According to the code the fix has been also backported to Jenkins 2.32.1 though changelogs do not say it explicitly. I will make sure that changelogs get updated.
The recommendation is to update the core to the latest LTS
Thank you Oleg for your quick response. We will do the upgrade and will let you know if the issue reoccur.
Code changed in jenkins
User: Oleg Nenashev
Path:
content/_data/changelogs/lts.yml
content/_partials/changelog-weekly.html
http://jenkins-ci.org/commit/jenkins.io/1e74ef665f37621c5d7fda4c0f5a42e3e4462a59
Log:
JENKINS-24453 - Noting fix in Jenkins 2.34 and 2.32.1
It was a missing fix, since I didn't notice there is a Jenkins JIRA issue for it.
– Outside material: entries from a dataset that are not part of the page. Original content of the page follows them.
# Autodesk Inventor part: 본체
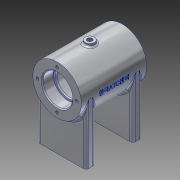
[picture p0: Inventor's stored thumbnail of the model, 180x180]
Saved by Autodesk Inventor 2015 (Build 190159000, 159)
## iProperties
Created: 2020-07
Part Number: 본체
Material: 알루미늄 6061
Document SubType Name: Modeling
Designer: LINEART-SSD.D4.16.04
Mass: 305.265 g
Surface Area: 357.573 cm^2
Volume: 113.061 cm^3
Density: 2.7 g/cm^3
Appearance: 알루미늄 - 평지
Author: LINEART-SSD.D4.16.04
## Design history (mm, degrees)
sketch "스케치1"
  geometry: C1 r 26 at (0, 0); 1 further point
  constraints: 1 centre point, 1 coincident
  dimensions: "d0" = 52 diameter of C1
extrude "돌출1" new body sketch "스케치1" stored distance "d1" = 70; taper "d2" = 0 deg
hole "구멍1" diameter "d5" = 28; stored, may be unused: countersink angle "d9" = 90 deg, drill point angle "d11" = 118 deg; dims "d3" = 10, "d4" = 10, "d6" = 6, "d7" = 32, "d8" = 12, "d10" = 8
sketch "스케치2"
  geometry: C1 r 21 at (0, 0); 1 further point
  constraints: 1 centre point, 1 coincident
  dimensions: "d12" = 42 diameter of C1
extrude "돌출2" cut sketch "스케치2" stored distance "d13" = 42; taper "d14" = 0 deg
fillet "모깎기1" dims "d15" = 3
fillet "모깎기2" dims "d16" = 0.3
chamfer "모따기1" distance "d17" = 1; stored, may be unused: second distance "d18" = 2, angle "d19" = 45 deg
node "작업 평면2"
  node "작업 평면1"
sketch "스케치3"
  geometry: C1 r 5 at (0, 0); 1 further point
  constraints: 1 centre point, 1 coincident
  dimensions: "d21" = 10 diameter of C1
extrude "돌출3" join sketch "스케치3" stored distance "d22" = 42; taper "d23" = 0 deg
sketch "스케치4"
  geometry: L1 (0, 0)-(9.919, -27.251); L2 (0, 0)-(29, 0); L3 (9.919, -27.251)-(15.557, -25.199); L4 (15.557, -25.199)-(14.048, -21.054); L5 (14.048, -21.054)-(8.41, -23.106)
  constraints: 10 end point, 2 perpendicular, 1 equal length, 1 horizontal, 1 point on line
  dimensions: "d24" = 29 distance of L1.start L1.end; "d25" = 70 deg angle of L1 L2; "d27" = 6 distance of L1.end L3.end; "d28" = 4.41104 distance between parallel lines of L3 L5
revolve "회전1" sketch "스케치4" stored, may be unused: angle "d29" = 90 deg
hole "구멍2" diameter "d32" = 5.188; stored, may be unused: countersink angle "d36" = 90 deg, drill point angle "d38" = 118 deg; dims "d30" = 10, "d31" = 10, "d33" = 12, "d34" = 32, "d35" = 12, "d37" = 16
hole "구멍3" diameter "d41" = 5.188; stored, may be unused: countersink angle "d45" = 90 deg, drill point angle "d47" = 118 deg; dims "d39" = 10, "d40" = 10, "d42" = 12, "d43" = 32, "d44" = 12, "d46" = 16
fillet "모깎기3" dims "d48" = 2
node "작업 평면3"
sketch "스케치5"
  geometry: L1 (-26, 0)-(-26, -64); L2 (-26, -64)-(26, -64); L3 (26, -64)-(26, 0); C1 r 17 at (0, 0) reference; A1 r 26 centre (0, 0) between (-26, 0) and (26, 0) reference; A2 r 26 centre (0, 0) between (-26, 0) and (26, 0) reference; A3 r 26 centre (0, 0) between (-26, 0) and (26, 0); 1 further point
  constraints: 6 end point, 6 point on circle, 1 centre point, 1 concentric, 1 perpendicular, 1 tangent, 1 vertical
  dimensions: "d50" = 64 distance of L1.start L1.end; "d51" = 52 distance of L1.end L2.end; "d52" = 63.99954 distance of L2.end L3.end
extrude "돌출4" join sketch "스케치5" distance "d53" = 10; taper "d54" = 0 deg
fillet "모깎기4" dims "d55" = 3
fillet "모깎기5" dims "d56" = 3
sketch "스케치6"
  geometry: C1 r 26 at (0, 0) reference; C2 r 17 at (0, 0) reference; 2 further points
  constraints: 1 vertical alignment
  dimensions: "d57" = 21 distance of point (0, 21) point (0, 0)
hole "구멍4" sketch "스케치6" at (0, 21) diameter "d58" = 3.242; stored, may be unused: countersink angle "d62" = 90 deg, drill point angle "d64" = 118 deg; dims "d59" = 8, "d60" = 32, "d61" = 12, "d63" = 10
sketch "스케치7"
  geometry: L1 (0, 0)-(46, 0) reference; L2 (49, 3)-(49, 7) reference; L3 (0, 10)-(46, 10) reference; L4 (-3, 3)-(-3, 7) reference; L5 (0, -40)-(46, -40) reference; L6 (-3, -43)-(-3, -47) reference; L7 (0, -50)-(46, -50) reference; L8 (49, -43)-(49, -47) reference; A1 r 3 centre (0, 3) between (-3, 3) and (0, 0) reference; A2 r 3 centre (46, 3) between (46, 0) and (49, 3) reference; A3 r 3 centre (46, 7) between (49, 7) and (46, 10) reference; A4 r 3 centre (0, 7) between (0, 10) and (-3, 7) reference; A5 r 3 centre (46, -43) between (49, -43) and (46, -40) reference; A6 r 3 centre (0, -43) between (0, -40) and (-3, -43) reference; A7 r 3 centre (0, -47) between (-3, -47) and (0, -50) reference; A8 r 3 centre (46, -47) between (46, -50) and (49, -47) reference; 5 further points
  constraints: 2 horizontal alignment, 2 vertical alignment
  dimensions: "d68" = 20 horizontal distance of point (43, 5) point (23, -20); "d69" = 5 distance from line of point (43, 5) L3; "d70" = 40 distance of point (3, 5) point (43, 5); "d71" = 25 vertical distance of point (43, -45) point (23, -20)
hole "구멍5" sketch "스케치7" at (43, 5), (3, 5), (43, -45), (3, -45) diameter "d72" = 4.134; stored, may be unused: countersink angle "d76" = 90 deg, drill point angle "d78" = 118 deg; dims "d73" = 8, "d74" = 32, "d75" = 12, "d77" = 10
node "작업 평면4"
sketch "스케치8"
  geometry: L1 (-26, -35)-(26, -35) reference; L2 (-26, -35)-(-26, 35) reference; 2 further points
  constraints: 1 other
  dimensions: "d79" = 35 distance from line of point (0, 0) L1; "d80" = 26 distance from line of point (0, 0) L2
feature "엠보싱1" sketch "스케치8" dims "d81" = 0.5, "d82" = 0
node "솔리드1"
mirror "대칭1"
mirror "대칭2"
pattern_circular "원형 패턴1" dims angle "d66" = 360 deg
mirror "대칭3"
node "투영된 루프1"
node "투영된 루프2"
node "투영된 루프3"
node "투영된 루프4"
other parameters: "d20" = 3

This PR updates the Weekly release entry and also adds the missing entry for the Stable release
Code changed in jenkins
User: R. Tyler Croy
Path:
content/_data/changelogs/lts.yml
content/_partials/changelog-weekly.html
http://jenkins-ci.org/commit/jenkins.io/89b2c800c392195aca397baac4ceb91af08ad7f4
Log:
Merge pull request #723 from oleg-nenashev/changelog/JENKINS-24453
JENKINS-24453 - Noting fix in Jenkins 2.34 and 2.32.1
Compare: https://github.com/jenkins-infra/jenkins.io/compare/c49bb48b33bc...89b2c800c392
csrss.exe wouldn't have the right environment variables, so it should never match the killing criteria.
In 1.583 we made a change to winp so that at least it won't terminate a critical process, but we'll likely still have to figure out why that process was selected as a target of killing.